I'll add to that that many nova and may be a few supernova might have keep the 150 light year radius of M13 sterile.

Assuming that most life in the universe is bacterial-like and that it develops beneath the surface of earth like planets I don't think this is a problem.

Gold's "Deep-hot biosphere" model

<<In the 1970s, Thomas Gold proposed the theory that life first developed not on the surface of the Earth, but several kilometers below the surface. The discovery in the late 1990s of nanobes (filamental structures that are smaller than bacteria, but that may contain DNA) in deep rocks might be seen as lending support to Gold's theory. It is now reasonably well established that microbial life is plentiful at shallow depths in the Earth, up to 5 kilometres (3.1 mi) below the surface, in the form of extremophile archaea, rather than the better-known eubacteria (which live in more accessible conditions). It is claimed that discovery of microbial life below the surface of another body in our solar system would lend significant credence to this theory. Thomas Gold also asserted that a trickle of food from a deep, unreachable, source is needed for survival because life arising in a puddle of organic material is likely to consume all of its food and become extinct. Gold's theory is that flow of food is due to out-gassing of primordial methane from the Earth's mantle; more conventional explanations of the food supply of deep microbes (away from sedimentary carbon compounds) is that the organisms subsist on hydrogen released by an interaction between water and (reduced) iron compounds in rocks.>>

[smitty]

Wow. I'd like to thank everybody who responded to my question for providing such helpful, informative replies, and for expanding the scope of the discussion in such interesting ways! Cheers to all!
Smitty

[Chris Peterson]

So how do globular clusters work? Are the stars orbiting a common barycenter at the gravitational center of the cluster?

Essentially, yes. It's going to be a highly perturbed environment, though, so I wouldn't expect anything like stable, elliptical orbits.

If that works for globular clusters, why would black holes be needed at the centers of normal galaxies?
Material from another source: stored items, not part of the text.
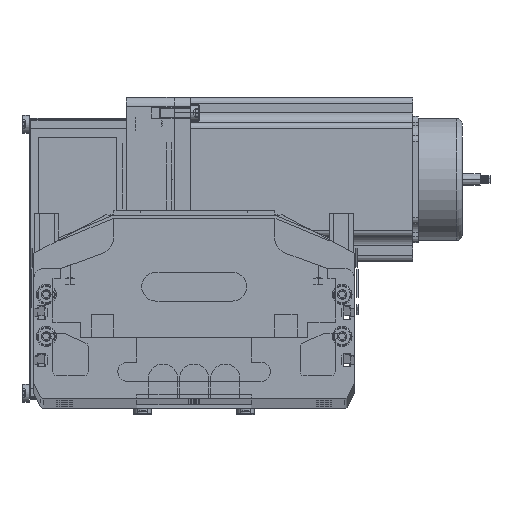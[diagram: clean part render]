
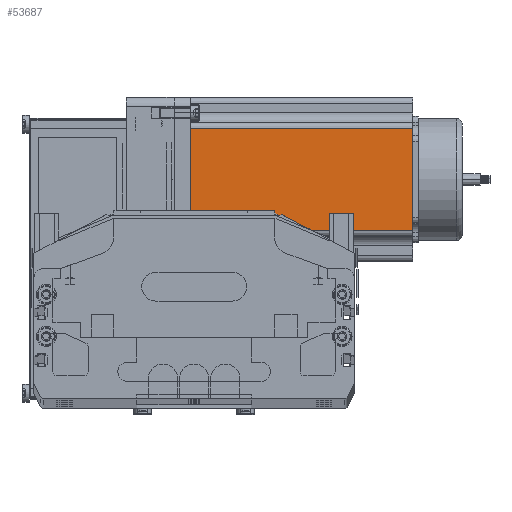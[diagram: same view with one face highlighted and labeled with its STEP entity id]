
A CAD part, top view. The second image highlights one B-rep face of the part: STEP entity #53687.
In plain terms, the highlighted planar face has unit normal (0, 0, 1) as drawn and (0, -1, 0) by its records, which use the part's own axes.
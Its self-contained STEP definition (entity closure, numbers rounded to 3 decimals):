
#16374 = CARTESIAN_POINT ( 'NONE',  ( 69.74, 0., 0. ) ) ;
#50217 = CARTESIAN_POINT ( 'NONE',  ( 0., 0., 116.5 ) ) ;
#50251 = DIRECTION ( 'NONE',  ( 0., 0., 1. ) ) ;
#50252 = VECTOR ( 'NONE', #50251, 1000. ) ;
#50253 = CARTESIAN_POINT ( 'NONE',  ( 69.74, 0., 116.5 ) ) ;
#50255 = LINE ( 'NONE', #50253, #50252 ) ;
#50258 = LINE ( 'NONE', #50354, #50352 ) ;
#50267 = AXIS2_PLACEMENT_3D ( 'NONE', #50217, #50340, #50338 ) ;
#50282 = DIRECTION ( 'NONE',  ( 1., 0., 0. ) ) ;
#50284 = VECTOR ( 'NONE', #50282, 1000. ) ;
#50286 = CARTESIAN_POINT ( 'NONE',  ( 0., 0., 116.5 ) ) ;
#50297 = LINE ( 'NONE', #50286, #50284 ) ;
#50328 = CARTESIAN_POINT ( 'NONE',  ( 16.16, 0., 0. ) ) ;
#50338 = DIRECTION ( 'NONE',  ( 0., 0., 1. ) ) ;
#50340 = DIRECTION ( 'NONE',  ( 0., 1., 0. ) ) ;
#50346 = CARTESIAN_POINT ( 'NONE',  ( 16.16, 0., 116.5 ) ) ;
#50348 = PLANE ( 'NONE',  #50267 ) ;
#50350 = DIRECTION ( 'NONE',  ( 1., 0., 0. ) ) ;
#50352 = VECTOR ( 'NONE', #50350, 1000. ) ;
#50354 = CARTESIAN_POINT ( 'NONE',  ( 0., 0., 0. ) ) ;
#50358 = CARTESIAN_POINT ( 'NONE',  ( 69.74, 0., 116.5 ) ) ;
#50376 = FACE_OUTER_BOUND ( 'NONE', #53631, .T. ) ;
#50405 = CARTESIAN_POINT ( 'NONE',  ( 16.16, 0., 116.5 ) ) ;
#50407 = LINE ( 'NONE', #50405, #50512 ) ;
#50511 = DIRECTION ( 'NONE',  ( 0., 0., -1. ) ) ;
#50512 = VECTOR ( 'NONE', #50511, 1000. ) ;
#53631 = EDGE_LOOP ( 'NONE', ( #53926, #53663, #53753, #53684 ) ) ;
#53637 = EDGE_CURVE ( 'NONE', #53689, #53691, #50297, .T. ) ;
#53657 = EDGE_CURVE ( 'NONE', #53918, #53691, #50255, .T. ) ;
#53663 = ORIENTED_EDGE ( 'NONE', *, *, #53657, .T. ) ;
#53683 = EDGE_CURVE ( 'NONE', #53700, #53918, #50258, .T. ) ;
#53684 = ORIENTED_EDGE ( 'NONE', *, *, #53755, .T. ) ;
#53687 = ADVANCED_FACE ( 'NONE', ( #50376 ), #50348, .F. ) ;
#53689 = VERTEX_POINT ( 'NONE', #50346 ) ;
#53691 = VERTEX_POINT ( 'NONE', #50358 ) ;
#53700 = VERTEX_POINT ( 'NONE', #50328 ) ;
#53753 = ORIENTED_EDGE ( 'NONE', *, *, #53637, .F. ) ;
#53755 = EDGE_CURVE ( 'NONE', #53689, #53700, #50407, .T. ) ;
#53918 = VERTEX_POINT ( 'NONE', #16374 ) ;
#53926 = ORIENTED_EDGE ( 'NONE', *, *, #53683, .T. ) ;

What do you mean by "needed"? The supermassive black holes found in the center of most galaxies are somehow related to the galaxy formation process- in a way not understood yet (sort of a chicken and egg problem). Dynamically, they are not important for the evolved galaxy. They represent only a tiny fraction of the galactic mass. Presumably you could remove the central black hole from a galaxy and that galaxy would continue on substantially unaltered in terms of its structure and rotation.

[neufer]

So how do globular clusters work? Are the stars orbiting a common barycenter at the gravitational center of the cluster?

Essentially, yes. It's going to be a highly perturbed environment, though, so I wouldn't expect anything like stable, elliptical orbits.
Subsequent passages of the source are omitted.